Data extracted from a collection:
=== Begin Enclosure ===

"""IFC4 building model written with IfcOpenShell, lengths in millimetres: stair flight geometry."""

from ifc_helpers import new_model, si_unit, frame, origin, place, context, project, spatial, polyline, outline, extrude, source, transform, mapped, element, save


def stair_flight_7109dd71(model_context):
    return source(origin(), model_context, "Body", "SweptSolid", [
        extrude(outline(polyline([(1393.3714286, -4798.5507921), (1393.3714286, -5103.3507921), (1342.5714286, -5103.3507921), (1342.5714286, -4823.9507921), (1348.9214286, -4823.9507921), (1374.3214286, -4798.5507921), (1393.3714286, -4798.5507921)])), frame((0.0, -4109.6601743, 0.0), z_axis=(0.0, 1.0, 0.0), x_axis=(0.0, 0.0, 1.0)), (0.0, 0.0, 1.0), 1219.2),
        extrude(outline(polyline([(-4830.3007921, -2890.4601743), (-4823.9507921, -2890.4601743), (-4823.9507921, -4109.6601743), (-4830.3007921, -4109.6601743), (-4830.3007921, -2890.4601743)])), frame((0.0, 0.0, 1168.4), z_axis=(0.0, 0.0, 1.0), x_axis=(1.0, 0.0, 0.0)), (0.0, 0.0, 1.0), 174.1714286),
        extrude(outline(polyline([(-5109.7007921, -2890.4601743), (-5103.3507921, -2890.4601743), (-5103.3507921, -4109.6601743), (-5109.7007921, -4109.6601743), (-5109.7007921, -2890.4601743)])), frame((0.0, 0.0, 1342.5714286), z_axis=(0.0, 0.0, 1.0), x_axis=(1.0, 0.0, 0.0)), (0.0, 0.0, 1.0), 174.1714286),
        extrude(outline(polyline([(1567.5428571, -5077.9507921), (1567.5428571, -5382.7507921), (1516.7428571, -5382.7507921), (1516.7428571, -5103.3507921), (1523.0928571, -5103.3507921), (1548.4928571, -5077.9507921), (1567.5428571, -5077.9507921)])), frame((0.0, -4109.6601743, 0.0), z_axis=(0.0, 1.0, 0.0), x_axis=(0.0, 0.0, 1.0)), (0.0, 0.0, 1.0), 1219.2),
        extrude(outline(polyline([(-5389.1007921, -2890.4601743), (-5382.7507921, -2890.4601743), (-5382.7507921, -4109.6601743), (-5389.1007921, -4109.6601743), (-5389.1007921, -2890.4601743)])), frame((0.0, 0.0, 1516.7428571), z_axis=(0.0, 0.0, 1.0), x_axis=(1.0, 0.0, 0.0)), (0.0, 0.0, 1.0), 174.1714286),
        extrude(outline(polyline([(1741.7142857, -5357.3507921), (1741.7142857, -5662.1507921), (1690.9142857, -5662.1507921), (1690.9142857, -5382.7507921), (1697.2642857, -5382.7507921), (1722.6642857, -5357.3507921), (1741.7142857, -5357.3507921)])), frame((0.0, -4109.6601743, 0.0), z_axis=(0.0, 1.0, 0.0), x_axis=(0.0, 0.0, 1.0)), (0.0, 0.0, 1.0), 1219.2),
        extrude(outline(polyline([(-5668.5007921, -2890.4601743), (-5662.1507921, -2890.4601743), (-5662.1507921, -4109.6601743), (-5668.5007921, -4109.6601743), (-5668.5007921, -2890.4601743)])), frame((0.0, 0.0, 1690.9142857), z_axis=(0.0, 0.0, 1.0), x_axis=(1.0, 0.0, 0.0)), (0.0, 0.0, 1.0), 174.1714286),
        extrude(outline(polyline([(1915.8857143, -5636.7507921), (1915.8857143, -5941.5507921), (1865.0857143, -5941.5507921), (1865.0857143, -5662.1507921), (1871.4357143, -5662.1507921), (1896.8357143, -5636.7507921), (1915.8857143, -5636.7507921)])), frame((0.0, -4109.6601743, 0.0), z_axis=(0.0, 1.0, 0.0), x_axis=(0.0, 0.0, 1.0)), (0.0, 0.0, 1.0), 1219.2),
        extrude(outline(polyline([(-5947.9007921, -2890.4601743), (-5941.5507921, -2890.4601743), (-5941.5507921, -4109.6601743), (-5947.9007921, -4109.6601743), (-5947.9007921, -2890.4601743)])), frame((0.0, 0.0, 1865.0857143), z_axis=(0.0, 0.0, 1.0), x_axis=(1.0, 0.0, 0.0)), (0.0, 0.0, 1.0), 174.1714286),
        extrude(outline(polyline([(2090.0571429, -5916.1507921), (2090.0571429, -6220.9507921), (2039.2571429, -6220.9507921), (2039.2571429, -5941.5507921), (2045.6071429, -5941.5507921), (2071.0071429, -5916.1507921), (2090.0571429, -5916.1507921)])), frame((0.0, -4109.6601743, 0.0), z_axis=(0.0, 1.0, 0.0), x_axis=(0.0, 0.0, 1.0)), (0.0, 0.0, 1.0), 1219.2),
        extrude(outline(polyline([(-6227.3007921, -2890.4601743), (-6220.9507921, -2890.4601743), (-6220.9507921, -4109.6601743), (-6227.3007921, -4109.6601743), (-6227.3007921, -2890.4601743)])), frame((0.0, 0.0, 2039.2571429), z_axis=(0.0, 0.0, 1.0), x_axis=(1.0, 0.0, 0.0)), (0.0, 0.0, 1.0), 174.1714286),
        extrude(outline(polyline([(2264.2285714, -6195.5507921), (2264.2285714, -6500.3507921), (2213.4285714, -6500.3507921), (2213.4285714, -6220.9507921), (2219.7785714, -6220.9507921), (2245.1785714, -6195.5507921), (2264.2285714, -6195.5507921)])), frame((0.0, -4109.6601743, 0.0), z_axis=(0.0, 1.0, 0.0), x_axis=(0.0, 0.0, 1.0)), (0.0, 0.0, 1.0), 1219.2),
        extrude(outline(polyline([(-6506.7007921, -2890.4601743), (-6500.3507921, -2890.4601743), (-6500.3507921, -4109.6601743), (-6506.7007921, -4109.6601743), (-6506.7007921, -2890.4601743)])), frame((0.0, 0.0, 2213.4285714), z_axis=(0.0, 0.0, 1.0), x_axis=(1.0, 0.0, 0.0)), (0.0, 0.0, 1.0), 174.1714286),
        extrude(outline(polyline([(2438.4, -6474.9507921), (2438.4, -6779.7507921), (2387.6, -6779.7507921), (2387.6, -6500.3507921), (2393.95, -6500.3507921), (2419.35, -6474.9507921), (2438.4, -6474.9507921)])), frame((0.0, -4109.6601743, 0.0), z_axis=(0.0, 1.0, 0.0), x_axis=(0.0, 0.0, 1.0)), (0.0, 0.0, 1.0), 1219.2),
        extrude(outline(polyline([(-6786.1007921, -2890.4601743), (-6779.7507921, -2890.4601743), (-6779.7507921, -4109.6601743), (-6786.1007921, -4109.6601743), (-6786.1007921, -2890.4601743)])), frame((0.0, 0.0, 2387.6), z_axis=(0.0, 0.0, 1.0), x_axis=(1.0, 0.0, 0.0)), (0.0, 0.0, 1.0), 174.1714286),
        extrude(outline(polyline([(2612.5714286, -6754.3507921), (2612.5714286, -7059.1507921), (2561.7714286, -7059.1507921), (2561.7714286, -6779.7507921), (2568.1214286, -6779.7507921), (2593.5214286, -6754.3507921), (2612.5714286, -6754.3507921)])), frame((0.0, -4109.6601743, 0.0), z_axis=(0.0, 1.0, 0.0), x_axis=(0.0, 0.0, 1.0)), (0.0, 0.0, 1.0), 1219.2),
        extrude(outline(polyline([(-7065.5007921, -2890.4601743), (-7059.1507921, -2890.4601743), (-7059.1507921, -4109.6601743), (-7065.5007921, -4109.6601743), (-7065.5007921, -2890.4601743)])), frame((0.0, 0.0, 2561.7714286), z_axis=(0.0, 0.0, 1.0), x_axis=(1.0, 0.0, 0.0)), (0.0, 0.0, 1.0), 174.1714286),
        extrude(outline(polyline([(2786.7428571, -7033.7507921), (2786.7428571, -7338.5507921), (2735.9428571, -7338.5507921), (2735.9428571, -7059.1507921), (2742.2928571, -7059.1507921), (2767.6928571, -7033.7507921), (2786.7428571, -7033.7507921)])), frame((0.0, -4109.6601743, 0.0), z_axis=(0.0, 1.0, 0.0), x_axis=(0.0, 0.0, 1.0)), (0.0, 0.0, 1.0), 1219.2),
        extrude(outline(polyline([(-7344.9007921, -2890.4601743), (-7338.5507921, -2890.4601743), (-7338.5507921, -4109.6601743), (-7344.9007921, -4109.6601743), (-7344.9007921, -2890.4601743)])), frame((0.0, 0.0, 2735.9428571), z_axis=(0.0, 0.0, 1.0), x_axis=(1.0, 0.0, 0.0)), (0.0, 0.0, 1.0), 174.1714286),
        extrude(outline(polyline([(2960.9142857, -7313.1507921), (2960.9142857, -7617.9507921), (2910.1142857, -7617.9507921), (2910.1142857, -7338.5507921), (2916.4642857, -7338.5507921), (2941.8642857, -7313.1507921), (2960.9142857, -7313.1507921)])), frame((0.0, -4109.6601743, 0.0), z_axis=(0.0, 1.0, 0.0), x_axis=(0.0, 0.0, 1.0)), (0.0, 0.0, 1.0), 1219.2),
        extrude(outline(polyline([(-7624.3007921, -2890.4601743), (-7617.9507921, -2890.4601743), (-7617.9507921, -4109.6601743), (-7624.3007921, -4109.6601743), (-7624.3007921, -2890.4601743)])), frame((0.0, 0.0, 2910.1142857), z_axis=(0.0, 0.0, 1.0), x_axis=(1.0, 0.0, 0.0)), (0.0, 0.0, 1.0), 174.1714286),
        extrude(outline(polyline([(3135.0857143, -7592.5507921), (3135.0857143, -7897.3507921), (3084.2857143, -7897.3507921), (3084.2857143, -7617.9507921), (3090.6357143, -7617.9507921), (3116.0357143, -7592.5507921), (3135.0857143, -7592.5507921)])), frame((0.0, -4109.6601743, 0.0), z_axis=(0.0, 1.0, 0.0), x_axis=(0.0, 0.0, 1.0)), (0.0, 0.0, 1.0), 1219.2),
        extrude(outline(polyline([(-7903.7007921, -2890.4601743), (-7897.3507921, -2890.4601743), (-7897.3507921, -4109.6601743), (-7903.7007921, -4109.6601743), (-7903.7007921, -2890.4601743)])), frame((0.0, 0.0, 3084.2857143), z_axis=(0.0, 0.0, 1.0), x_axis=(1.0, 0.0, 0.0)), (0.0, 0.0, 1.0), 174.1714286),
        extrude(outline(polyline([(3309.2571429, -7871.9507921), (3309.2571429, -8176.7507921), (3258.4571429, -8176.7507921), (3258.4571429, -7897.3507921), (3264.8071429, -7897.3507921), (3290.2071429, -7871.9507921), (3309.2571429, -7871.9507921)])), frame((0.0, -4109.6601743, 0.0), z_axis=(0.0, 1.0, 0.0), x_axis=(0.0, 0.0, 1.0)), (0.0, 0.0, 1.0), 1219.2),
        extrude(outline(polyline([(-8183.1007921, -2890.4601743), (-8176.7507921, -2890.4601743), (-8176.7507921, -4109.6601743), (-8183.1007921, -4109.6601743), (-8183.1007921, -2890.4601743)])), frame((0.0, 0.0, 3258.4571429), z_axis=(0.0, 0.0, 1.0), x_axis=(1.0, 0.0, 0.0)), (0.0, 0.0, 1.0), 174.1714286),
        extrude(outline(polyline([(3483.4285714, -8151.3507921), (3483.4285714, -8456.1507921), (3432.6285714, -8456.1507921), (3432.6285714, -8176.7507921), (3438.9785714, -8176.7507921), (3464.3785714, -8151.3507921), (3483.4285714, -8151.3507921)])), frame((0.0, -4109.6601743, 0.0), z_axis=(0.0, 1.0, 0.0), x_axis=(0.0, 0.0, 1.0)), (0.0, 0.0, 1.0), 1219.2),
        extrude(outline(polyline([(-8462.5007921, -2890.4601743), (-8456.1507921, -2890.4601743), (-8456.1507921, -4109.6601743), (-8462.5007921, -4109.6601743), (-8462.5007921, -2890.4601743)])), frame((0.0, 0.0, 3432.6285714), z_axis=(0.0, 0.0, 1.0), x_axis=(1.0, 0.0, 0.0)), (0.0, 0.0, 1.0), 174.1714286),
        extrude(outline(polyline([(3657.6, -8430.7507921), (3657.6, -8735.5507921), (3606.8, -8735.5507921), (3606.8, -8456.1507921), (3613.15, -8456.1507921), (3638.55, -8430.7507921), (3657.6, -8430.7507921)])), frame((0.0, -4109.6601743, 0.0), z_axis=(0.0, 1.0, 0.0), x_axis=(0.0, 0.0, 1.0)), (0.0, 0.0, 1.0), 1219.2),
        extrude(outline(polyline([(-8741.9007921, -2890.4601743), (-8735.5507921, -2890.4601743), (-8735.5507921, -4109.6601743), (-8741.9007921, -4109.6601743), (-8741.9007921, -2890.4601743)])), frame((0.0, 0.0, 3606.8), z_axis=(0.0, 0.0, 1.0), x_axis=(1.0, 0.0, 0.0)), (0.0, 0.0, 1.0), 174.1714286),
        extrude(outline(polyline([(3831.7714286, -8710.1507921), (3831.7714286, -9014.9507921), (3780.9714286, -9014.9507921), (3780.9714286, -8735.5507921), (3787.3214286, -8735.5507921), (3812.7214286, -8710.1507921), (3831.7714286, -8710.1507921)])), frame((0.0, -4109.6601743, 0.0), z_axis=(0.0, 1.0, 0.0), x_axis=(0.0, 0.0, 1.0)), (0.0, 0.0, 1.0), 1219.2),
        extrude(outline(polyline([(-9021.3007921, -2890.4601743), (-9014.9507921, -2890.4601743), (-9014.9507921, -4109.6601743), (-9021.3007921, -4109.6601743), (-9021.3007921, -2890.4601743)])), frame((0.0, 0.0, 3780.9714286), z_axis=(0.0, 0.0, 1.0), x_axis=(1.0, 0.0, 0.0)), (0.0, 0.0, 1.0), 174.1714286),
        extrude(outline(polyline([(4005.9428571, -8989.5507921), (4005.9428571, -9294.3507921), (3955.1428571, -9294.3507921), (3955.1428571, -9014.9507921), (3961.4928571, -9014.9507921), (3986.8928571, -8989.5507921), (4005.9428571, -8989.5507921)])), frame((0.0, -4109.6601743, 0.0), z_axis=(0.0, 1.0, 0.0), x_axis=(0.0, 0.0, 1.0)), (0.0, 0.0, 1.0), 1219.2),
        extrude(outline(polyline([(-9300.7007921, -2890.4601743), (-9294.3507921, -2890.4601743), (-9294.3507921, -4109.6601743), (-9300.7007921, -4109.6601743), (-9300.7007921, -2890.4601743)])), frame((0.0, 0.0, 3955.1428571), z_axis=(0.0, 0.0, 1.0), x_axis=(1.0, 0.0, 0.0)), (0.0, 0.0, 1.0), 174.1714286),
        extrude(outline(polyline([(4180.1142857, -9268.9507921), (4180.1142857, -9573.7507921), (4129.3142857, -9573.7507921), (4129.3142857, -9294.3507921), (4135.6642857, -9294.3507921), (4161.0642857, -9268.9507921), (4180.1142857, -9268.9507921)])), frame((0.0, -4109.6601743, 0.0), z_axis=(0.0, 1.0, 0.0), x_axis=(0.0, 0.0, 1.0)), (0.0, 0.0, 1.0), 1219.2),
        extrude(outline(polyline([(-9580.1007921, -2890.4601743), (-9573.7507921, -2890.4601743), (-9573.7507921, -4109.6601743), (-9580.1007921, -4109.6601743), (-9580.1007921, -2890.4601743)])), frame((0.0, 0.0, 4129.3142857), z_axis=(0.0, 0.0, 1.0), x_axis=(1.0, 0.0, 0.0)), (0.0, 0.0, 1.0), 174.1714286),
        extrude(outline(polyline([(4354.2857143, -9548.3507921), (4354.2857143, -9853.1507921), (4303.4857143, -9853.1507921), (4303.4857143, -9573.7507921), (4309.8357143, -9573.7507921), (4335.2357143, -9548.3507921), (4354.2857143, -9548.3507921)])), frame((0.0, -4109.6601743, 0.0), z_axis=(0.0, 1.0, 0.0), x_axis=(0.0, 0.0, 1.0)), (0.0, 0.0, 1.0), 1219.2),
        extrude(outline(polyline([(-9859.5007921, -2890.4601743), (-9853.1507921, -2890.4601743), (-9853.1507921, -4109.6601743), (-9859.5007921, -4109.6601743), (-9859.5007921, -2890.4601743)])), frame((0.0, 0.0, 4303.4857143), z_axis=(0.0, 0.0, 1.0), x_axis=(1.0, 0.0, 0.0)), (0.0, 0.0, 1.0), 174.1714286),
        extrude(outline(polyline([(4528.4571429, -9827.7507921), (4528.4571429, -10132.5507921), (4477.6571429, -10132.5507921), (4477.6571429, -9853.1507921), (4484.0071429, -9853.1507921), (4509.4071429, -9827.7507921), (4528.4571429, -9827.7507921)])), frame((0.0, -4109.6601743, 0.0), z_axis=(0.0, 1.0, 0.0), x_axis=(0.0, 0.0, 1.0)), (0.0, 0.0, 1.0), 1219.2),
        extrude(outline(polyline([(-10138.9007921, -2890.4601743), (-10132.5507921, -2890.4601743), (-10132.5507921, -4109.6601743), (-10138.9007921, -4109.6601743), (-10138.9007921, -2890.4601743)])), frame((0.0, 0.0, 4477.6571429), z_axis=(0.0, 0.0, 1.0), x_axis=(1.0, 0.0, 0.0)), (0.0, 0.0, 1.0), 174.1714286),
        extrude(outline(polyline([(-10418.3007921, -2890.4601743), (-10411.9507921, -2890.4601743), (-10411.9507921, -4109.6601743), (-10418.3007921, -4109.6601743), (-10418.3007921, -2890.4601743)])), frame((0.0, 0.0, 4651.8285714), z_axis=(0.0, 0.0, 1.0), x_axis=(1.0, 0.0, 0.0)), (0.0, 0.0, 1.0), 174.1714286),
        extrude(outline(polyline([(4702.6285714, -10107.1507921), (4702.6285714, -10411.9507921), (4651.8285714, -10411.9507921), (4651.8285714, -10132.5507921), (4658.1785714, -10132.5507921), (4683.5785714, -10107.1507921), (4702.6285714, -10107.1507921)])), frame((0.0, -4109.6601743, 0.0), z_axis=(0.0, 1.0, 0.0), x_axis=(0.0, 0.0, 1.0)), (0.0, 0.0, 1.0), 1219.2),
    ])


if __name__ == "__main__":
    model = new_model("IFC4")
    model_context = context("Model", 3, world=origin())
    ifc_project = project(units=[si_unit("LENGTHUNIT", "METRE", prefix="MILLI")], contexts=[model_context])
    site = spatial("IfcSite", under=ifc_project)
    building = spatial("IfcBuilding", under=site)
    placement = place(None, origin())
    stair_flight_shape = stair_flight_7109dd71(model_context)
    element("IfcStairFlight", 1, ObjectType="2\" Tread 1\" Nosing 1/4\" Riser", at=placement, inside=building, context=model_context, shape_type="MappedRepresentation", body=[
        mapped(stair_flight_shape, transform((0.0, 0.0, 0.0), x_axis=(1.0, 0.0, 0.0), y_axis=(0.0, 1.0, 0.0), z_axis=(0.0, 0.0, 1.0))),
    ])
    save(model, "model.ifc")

=== End Enclosure ===

Where does the string "save" appear in the records above? Return every line that holds it.

Output of the task:
from ifc_helpers import new_model, si_unit, frame, origin, place, context, project, spatial, polyline, outline, extrude, source, transform, mapped, element, save
    save(model, "model.ifc")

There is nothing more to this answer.